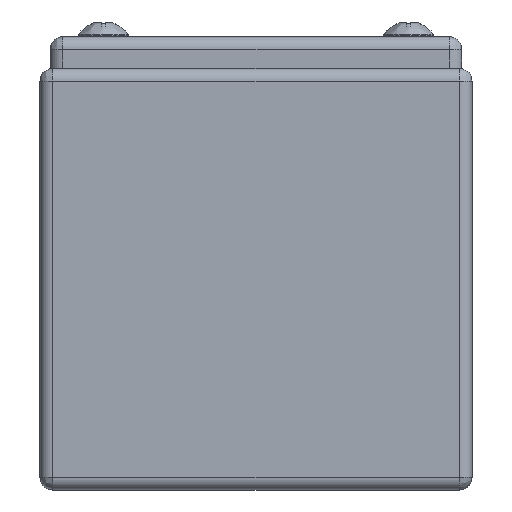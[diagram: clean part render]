
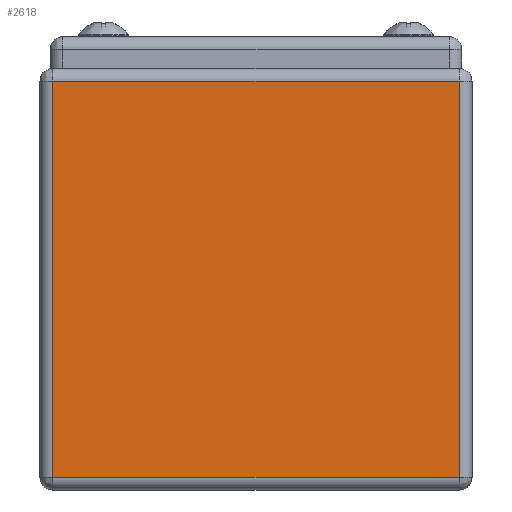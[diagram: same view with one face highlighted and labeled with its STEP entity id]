
A CAD part, front view. The second image highlights one B-rep face of the part: STEP entity #2618.
In plain terms, the highlighted planar face has unit normal (0, -1, 0).
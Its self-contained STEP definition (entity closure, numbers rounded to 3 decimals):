
#216 = CARTESIAN_POINT ( 'NONE',  ( 0., 0., 77.6 ) ) ;
#789 = CARTESIAN_POINT ( 'NONE',  ( 0., 0., 2.4 ) ) ;
#1181 = LINE ( 'NONE', #216, #6105 ) ;
#2080 = EDGE_CURVE ( 'NONE', #13162, #14852, #14301, .T. ) ;
#2618 = ADVANCED_FACE ( 'NONE', ( #12100 ), #4897, .F. ) ;
#2754 = ORIENTED_EDGE ( 'NONE', *, *, #20102, .F. ) ;
#2887 = EDGE_LOOP ( 'NONE', ( #19490, #2754, #7620, #7352 ) ) ;
#3941 = CARTESIAN_POINT ( 'NONE',  ( 79.6, 0., 77.6 ) ) ;
#4084 = AXIS2_PLACEMENT_3D ( 'NONE', #18068, #21289, #6179 ) ;
#4227 = DIRECTION ( 'NONE',  ( -1., 0., 0. ) ) ;
#4897 = PLANE ( 'NONE',  #4084 ) ;
#6105 = VECTOR ( 'NONE', #12032, 1000. ) ;
#6179 = DIRECTION ( 'NONE',  ( 0., 0., 1. ) ) ;
#6535 = EDGE_CURVE ( 'NONE', #9209, #18554, #11582, .T. ) ;
#7352 = ORIENTED_EDGE ( 'NONE', *, *, #9292, .F. ) ;
#7620 = ORIENTED_EDGE ( 'NONE', *, *, #2080, .F. ) ;
#8603 = CARTESIAN_POINT ( 'NONE',  ( 79.6, 0., 2.4 ) ) ;
#9209 = VERTEX_POINT ( 'NONE', #3941 ) ;
#9292 = EDGE_CURVE ( 'NONE', #18554, #13162, #10842, .T. ) ;
#9878 = VECTOR ( 'NONE', #14567, 1000. ) ;
#10078 = VECTOR ( 'NONE', #4227, 1000. ) ;
#10842 = LINE ( 'NONE', #789, #10078 ) ;
#11582 = LINE ( 'NONE', #15573, #12883 ) ;
#12032 = DIRECTION ( 'NONE',  ( 1., 0., 0. ) ) ;
#12100 = FACE_OUTER_BOUND ( 'NONE', #2887, .T. ) ;
#12761 = CARTESIAN_POINT ( 'NONE',  ( 2.4, 0., 77.6 ) ) ;
#12883 = VECTOR ( 'NONE', #18898, 1000. ) ;
#12924 = CARTESIAN_POINT ( 'NONE',  ( 2.4, 0., 78.8 ) ) ;
#13162 = VERTEX_POINT ( 'NONE', #15681 ) ;
#14301 = LINE ( 'NONE', #12924, #9878 ) ;
#14567 = DIRECTION ( 'NONE',  ( 0., 0., 1. ) ) ;
#14852 = VERTEX_POINT ( 'NONE', #12761 ) ;
#15573 = CARTESIAN_POINT ( 'NONE',  ( 79.6, 0., 78.8 ) ) ;
#15681 = CARTESIAN_POINT ( 'NONE',  ( 2.4, 0., 2.4 ) ) ;
#18068 = CARTESIAN_POINT ( 'NONE',  ( 0., 0., 78.8 ) ) ;
#18554 = VERTEX_POINT ( 'NONE', #8603 ) ;
#18898 = DIRECTION ( 'NONE',  ( 0., 0., -1. ) ) ;
#19490 = ORIENTED_EDGE ( 'NONE', *, *, #6535, .F. ) ;
#20102 = EDGE_CURVE ( 'NONE', #14852, #9209, #1181, .T. ) ;
#21289 = DIRECTION ( 'NONE',  ( 0., 1., 0. ) ) ;

+===+

--- Work required ---
Starting at the line that has "#13162 = VERTEX_POINT ( 'NONE', #15681 ) ;" and ending at the line that has "#19490 = ORIENTED_EDGE", please write out the lines above exactly, leaving out all others.

--- Answer section ---
#13162 = VERTEX_POINT ( 'NONE', #15681 ) ;
#14301 = LINE ( 'NONE', #12924, #9878 ) ;
#14567 = DIRECTION ( 'NONE',  ( 0., 0., 1. ) ) ;
#14852 = VERTEX_POINT ( 'NONE', #12761 ) ;
#15573 = CARTESIAN_POINT ( 'NONE',  ( 79.6, 0., 78.8 ) ) ;
#15681 = CARTESIAN_POINT ( 'NONE',  ( 2.4, 0., 2.4 ) ) ;
#18068 = CARTESIAN_POINT ( 'NONE',  ( 0., 0., 78.8 ) ) ;
#18554 = VERTEX_POINT ( 'NONE', #8603 ) ;
#18898 = DIRECTION ( 'NONE',  ( 0., 0., -1. ) ) ;
#19490 = ORIENTED_EDGE ( 'NONE', *, *, #6535, .F. ) ;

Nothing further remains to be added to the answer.